Cross-Phase Data Cache in CompareContext¶
Date: 2026-03-05 Status: Superseded by Published artifacts for cross-plugin composition
Problem¶
The architecture has a clean separation: comparators parse raw data into IR, transformers rewrite IR without raw data access. But this breaks down for semantic transformers that need parsed data to do their job correctly.
The column reorder detector is the motivating example. To determine whether a CSV change is a pure column reorder (same columns, same data, different order), it needs to compare the actual column values positionally. The original implementation scraped summary statistics from DiffNode::details (columns_added: [], rows_added: 0, cells_changed: 0) — if all the "change" counters were zero and the reorder tag was present, it declared a pure reorder. This worked but was fragile: it relied on the exact detail schema of the CSV comparator, and it couldn't verify that cell values actually matched after reindexing by column name.
The same problem would recur for any transformer that needs to look at actual data: a "row reorder detector" would need row contents, a "column rename detector" would need to compare values under old and new column names.
Meanwhile, the CSV comparator already parsed both files into memory during compare. Throwing that away and forcing the transformer to re-read from disk (or scrape details) wastes work and creates coupling.
Decision¶
CompareContext gains a data cache. Comparators can cache parsed data during compare, and transformers can read it during transform.
The cache is a HashMap<String, ReopenedData> keyed by logical path, behind a Mutex for thread safety. ReopenedData is a format-neutral enum:
enum ReopenedData {
Tabular(TabularDataPair),
Text { left: Option<String>, right: Option<String> },
Binary { left: Option<Vec<u8>>, right: Option<Vec<u8>> },
}
The CSV comparator calls ctx.cache_data(logical_path, data) after parsing. The column reorder detector calls ctx.get_cached_data(path) during transform and falls back to details-scraping if the cache is empty (which happens when the changeset was loaded from JSON rather than computed live).
The Transformer::transform signature changes from fn transform(&self, node: DiffNode) to fn transform(&self, node: DiffNode, ctx: &CompareContext). Transformers that don't need data ignore the parameter.
Why not re-read from disk?¶
The transformer doesn't have file paths — it only has the DiffNode, which contains logical paths and summary details but not physical paths. Re-reading would require either storing physical paths in the IR (leaking implementation details) or passing ItemPairs through the transformer pipeline (breaking the "transformers see only IR" rule). The cache sidesteps this by making data available without file access.

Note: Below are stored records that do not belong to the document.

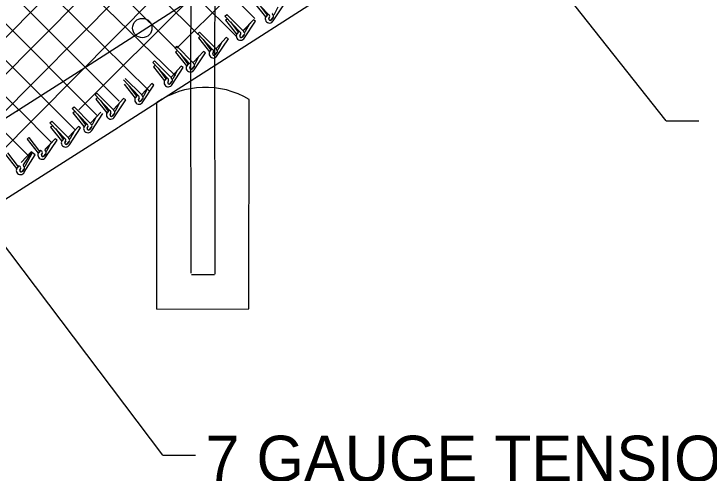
# Model space of a CAD drawing. Extents: x 0 to 2.85, y -0.1 to 1.83.
# Drawn here: x 1.7594 to 1.9115, y 1.3819 to 1.4824 of the extents above; entities that cross this region are included whole.
import ezdxf

# ---------------------------------------------------------------- set-up
doc = ezdxf.new("R2010")
doc.units = 0
for name, color, linetype in [('CT_Dimensions', 7, 'Continuous'), ('sb_Chainlink Fence', 7, 'Continuous'), ('sb_Earth', 7, 'Continuous'), ('sb_Existing Concrete', 7, 'Continuous'), ('sb_Existing Structural Steel', 7, 'Continuous')]:
    doc.layers.add(name, color=color, linetype=linetype)

msp = doc.modelspace()

# ---------------------------------------------------------------- linework, layer by layer
at = {"layer": 'CT_Dimensions'}
for p, q in [((1.9021660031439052, 1.4590312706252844), (1.8609873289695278, 1.5110686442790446)), ((1.9021660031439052, 1.4590312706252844), (1.9092764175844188, 1.4590312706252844)), ((1.7920044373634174, 1.3858294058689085), (1.74611189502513, 1.4465451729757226)), ((1.7920044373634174, 1.3858294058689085), (1.7991148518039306, 1.3858294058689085))]:
    msp.add_line(p, q, dxfattribs=at)
at = {"layer": 'sb_Chainlink Fence'}
for p, q in [((1.689092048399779, 1.4081735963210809), (1.9986754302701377, 1.720458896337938)), ((1.713665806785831, 1.4249653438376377), (1.998677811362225, 1.7124648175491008)), ((1.7334939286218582, 1.436970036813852), (1.9948211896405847, 1.700578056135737)), ((1.7532122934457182, 1.448864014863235), (1.998630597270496, 1.6964242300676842)), ((1.7736272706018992, 1.4614473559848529), (1.9971689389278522, 1.6849890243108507)), ((1.7950888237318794, 1.474947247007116), (1.9974037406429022, 1.6772621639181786)), ((1.7349460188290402, 1.558625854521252), (1.8121597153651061, 1.481412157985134)), ((1.7293783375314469, 1.5562318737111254), (1.8082147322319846, 1.4773954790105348)), ((1.727580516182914, 1.5500680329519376), (1.7997229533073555, 1.477925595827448)), ((1.7215126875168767, 1.548174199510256), (1.7947317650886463, 1.4749551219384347)), ((1.716204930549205, 1.5455202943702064), (1.7947645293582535, 1.4688543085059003)), ((1.7123356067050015, 1.5414279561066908), (1.7889703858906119, 1.4655716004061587)), ((1.705270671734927, 1.5405312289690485), (1.774946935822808, 1.4708549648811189)), ((1.7001417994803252, 1.5376984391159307), (1.7776412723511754, 1.4601989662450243)), ((1.6951924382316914, 1.5346861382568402), (1.7728832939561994, 1.4569952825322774)), ((1.6907662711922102, 1.5311506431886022), (1.7605489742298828, 1.4613679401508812)), ((1.685895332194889, 1.5280599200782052), (1.7624942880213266, 1.4514609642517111)), ((1.8151488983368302, 1.4823272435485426), (1.8119270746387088, 1.4857572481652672)), ((1.8120604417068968, 1.484831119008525), (1.8144700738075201, 1.4817938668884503)), ((1.813099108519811, 1.4844979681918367), (1.8147937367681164, 1.482186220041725)), ((1.8161694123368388, 1.4809619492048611), (1.8186097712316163, 1.4846482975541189)), ((1.8164483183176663, 1.4824171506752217), (1.8172615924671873, 1.4839678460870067)), ((1.8055949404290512, 1.4819829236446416), (1.8059911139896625, 1.4823411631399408)), ((1.808816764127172, 1.4785529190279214), (1.8055949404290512, 1.4819829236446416)), ((1.8096146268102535, 1.4786945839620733), (1.8059911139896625, 1.4823411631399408)), ((1.8145180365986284, 1.4818372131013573), (1.8144815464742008, 1.4817691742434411)), ((1.815007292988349, 1.4824139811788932), (1.8145155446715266, 1.4818351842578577)), ((1.8150138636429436, 1.4824229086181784), (1.8145180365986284, 1.4818372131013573)), ((1.8057283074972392, 1.481056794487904), (1.8061244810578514, 1.4814150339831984)), ((1.8057283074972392, 1.481056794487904), (1.8081379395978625, 1.4780195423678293)), ((1.8067669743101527, 1.4807236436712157), (1.8084616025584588, 1.4784118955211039)), ((1.8118319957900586, 1.4811791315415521), (1.8096597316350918, 1.4788440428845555)), ((1.8118319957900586, 1.4811791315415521), (1.8096735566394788, 1.478857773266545)), ((1.8098372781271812, 1.4771876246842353), (1.812277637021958, 1.4808739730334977)), ((1.812277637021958, 1.4808739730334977), (1.8118319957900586, 1.4811791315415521)), ((1.8144815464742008, 1.4817691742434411), (1.81445043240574, 1.4816963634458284)), ((1.8151961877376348, 1.4814335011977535), (1.8153601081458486, 1.4817876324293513)), ((1.815359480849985, 1.481775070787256), (1.8151965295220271, 1.4814415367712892)), ((1.8161225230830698, 1.4816307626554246), (1.8156768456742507, 1.481104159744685)), ((1.815717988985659, 1.4811474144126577), (1.8161225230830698, 1.4816307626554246)), ((1.8101161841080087, 1.478642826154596), (1.8109294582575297, 1.4801935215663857)), ((1.7996496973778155, 1.478102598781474), (1.800045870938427, 1.4784608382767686)), ((1.8028715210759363, 1.474672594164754), (1.7996496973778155, 1.478102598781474)), ((1.7997830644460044, 1.4771764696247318), (1.800179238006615, 1.4775347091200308)), ((1.8036693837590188, 1.4748142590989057), (1.800045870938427, 1.4784608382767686)), ((1.8058867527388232, 1.4772988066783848), (1.8037144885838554, 1.4749637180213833)), ((1.8058867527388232, 1.4772988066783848), (1.8037283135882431, 1.4749774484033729)), ((1.8063323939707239, 1.4769936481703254), (1.8058867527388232, 1.4772988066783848)), ((1.8081494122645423, 1.47799484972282), (1.8081182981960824, 1.4779220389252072)), ((1.80818590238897, 1.478062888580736), (1.8081494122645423, 1.47799484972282)), ((1.8086751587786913, 1.4786396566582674), (1.8081834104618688, 1.4780608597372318)), ((1.8086817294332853, 1.4786485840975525), (1.80818590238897, 1.478062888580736)), ((1.8088640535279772, 1.4776591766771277), (1.8090279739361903, 1.4780133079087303)), ((1.8090273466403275, 1.47800074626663), (1.8088643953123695, 1.4776672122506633)), ((1.8097903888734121, 1.4778564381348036), (1.8093447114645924, 1.4773298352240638)), ((1.8093858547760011, 1.4773730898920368), (1.8097903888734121, 1.4778564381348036)), ((1.7997830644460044, 1.4771764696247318), (1.8021926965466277, 1.474139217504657)), ((1.800821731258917, 1.476843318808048), (1.8025163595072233, 1.4745315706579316)), ((1.8038920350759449, 1.4733072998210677), (1.8063323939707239, 1.4769936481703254)), ((1.8041709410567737, 1.4747625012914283), (1.8049842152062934, 1.4763131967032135)), ((1.7946264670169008, 1.4750215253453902), (1.7950226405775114, 1.4753797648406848)), ((1.7978482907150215, 1.4715915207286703), (1.7946264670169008, 1.4750215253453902)), ((1.794759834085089, 1.474095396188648), (1.7951560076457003, 1.4744536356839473)), ((1.798646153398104, 1.471733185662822), (1.7950226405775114, 1.4753797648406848)), ((1.8008635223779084, 1.474217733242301), (1.7986912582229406, 1.4718826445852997)), ((1.8008635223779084, 1.474217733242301), (1.7987050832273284, 1.4718963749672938)), ((1.801309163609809, 1.473912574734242), (1.8008635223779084, 1.474217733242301)), ((1.802729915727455, 1.4747593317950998), (1.8022381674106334, 1.4741805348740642)), ((1.802736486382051, 1.4747682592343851), (1.8022406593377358, 1.4741825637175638)), ((1.794759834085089, 1.474095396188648), (1.797169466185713, 1.4710581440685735)), ((1.7957985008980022, 1.4737622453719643), (1.7974931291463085, 1.4714504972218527)), ((1.7988688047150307, 1.4702262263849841), (1.801309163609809, 1.473912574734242)), ((1.7991477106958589, 1.4716814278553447), (1.7999609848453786, 1.47323212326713)), ((1.8022041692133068, 1.4741145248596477), (1.802173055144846, 1.4740417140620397)), ((1.8022406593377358, 1.4741825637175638), (1.8022041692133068, 1.4741145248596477)), ((1.8029188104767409, 1.4737788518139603), (1.8030827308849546, 1.474132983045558)), ((1.8030821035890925, 1.4741204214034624), (1.8029191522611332, 1.4737868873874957)), ((1.8038451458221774, 1.4739761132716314), (1.8033994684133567, 1.4734495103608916)), ((1.8034406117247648, 1.4734927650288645), (1.8038451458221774, 1.4739761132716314)), ((1.7740540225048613, 1.4717105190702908), (1.782411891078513, 1.4633526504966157)), ((1.7897958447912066, 1.4717888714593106), (1.7901920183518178, 1.4721471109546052)), ((1.793017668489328, 1.4683588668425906), (1.7897958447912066, 1.4717888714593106)), ((1.7899292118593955, 1.4708627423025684), (1.7903253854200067, 1.4712209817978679)), ((1.7938155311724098, 1.4685005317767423), (1.7901920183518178, 1.4721471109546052)), ((1.7977066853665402, 1.471678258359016), (1.797214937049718, 1.4710994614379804)), ((1.7977132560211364, 1.4716871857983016), (1.797217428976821, 1.47110149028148)), ((1.7899292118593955, 1.4708627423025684), (1.7923388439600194, 1.4678254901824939)), ((1.790967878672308, 1.4705295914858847), (1.7926625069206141, 1.468217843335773)), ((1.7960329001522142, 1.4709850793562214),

Why not store full data in DiffNode::details?¶
Putting entire CSV contents into the details map was considered. This would work but:
- It balloons the serialized changeset JSON for every CSV comparison, even when no transformer or extract needs the data.
detailsvalues areserde_json::Value, so tabular data would need to be serialized to JSON arrays and deserialized back — pointless round-tripping.- It conflates summary metadata (for output formatting) with raw data (for semantic analysis).
The cache is ephemeral — it exists during a live diff/extract session and is not serialized. This keeps changeset JSON lean.
Trade-offs¶
- Memory: Parsed CSV data stays in memory for the duration of the diff session. For very large CSVs, this could be significant. A future improvement could use memory-mapped files or streaming access, but for the current target (archival datasets, typically < 1GB), in-memory caching is fine.
- Coupling: The transformer now depends on the comparator's caching behavior. If the CSV comparator stops caching, the column reorder detector silently falls back to details-scraping. This is acceptable because the fallback exists, and both plugins are in the same stdlib crate.
- Thread safety: The
Mutexon the cache is adequate because cache writes happen during the compare phase (which is parallel per-subtree but each path is written once) and reads happen during the transform phase (which is sequential).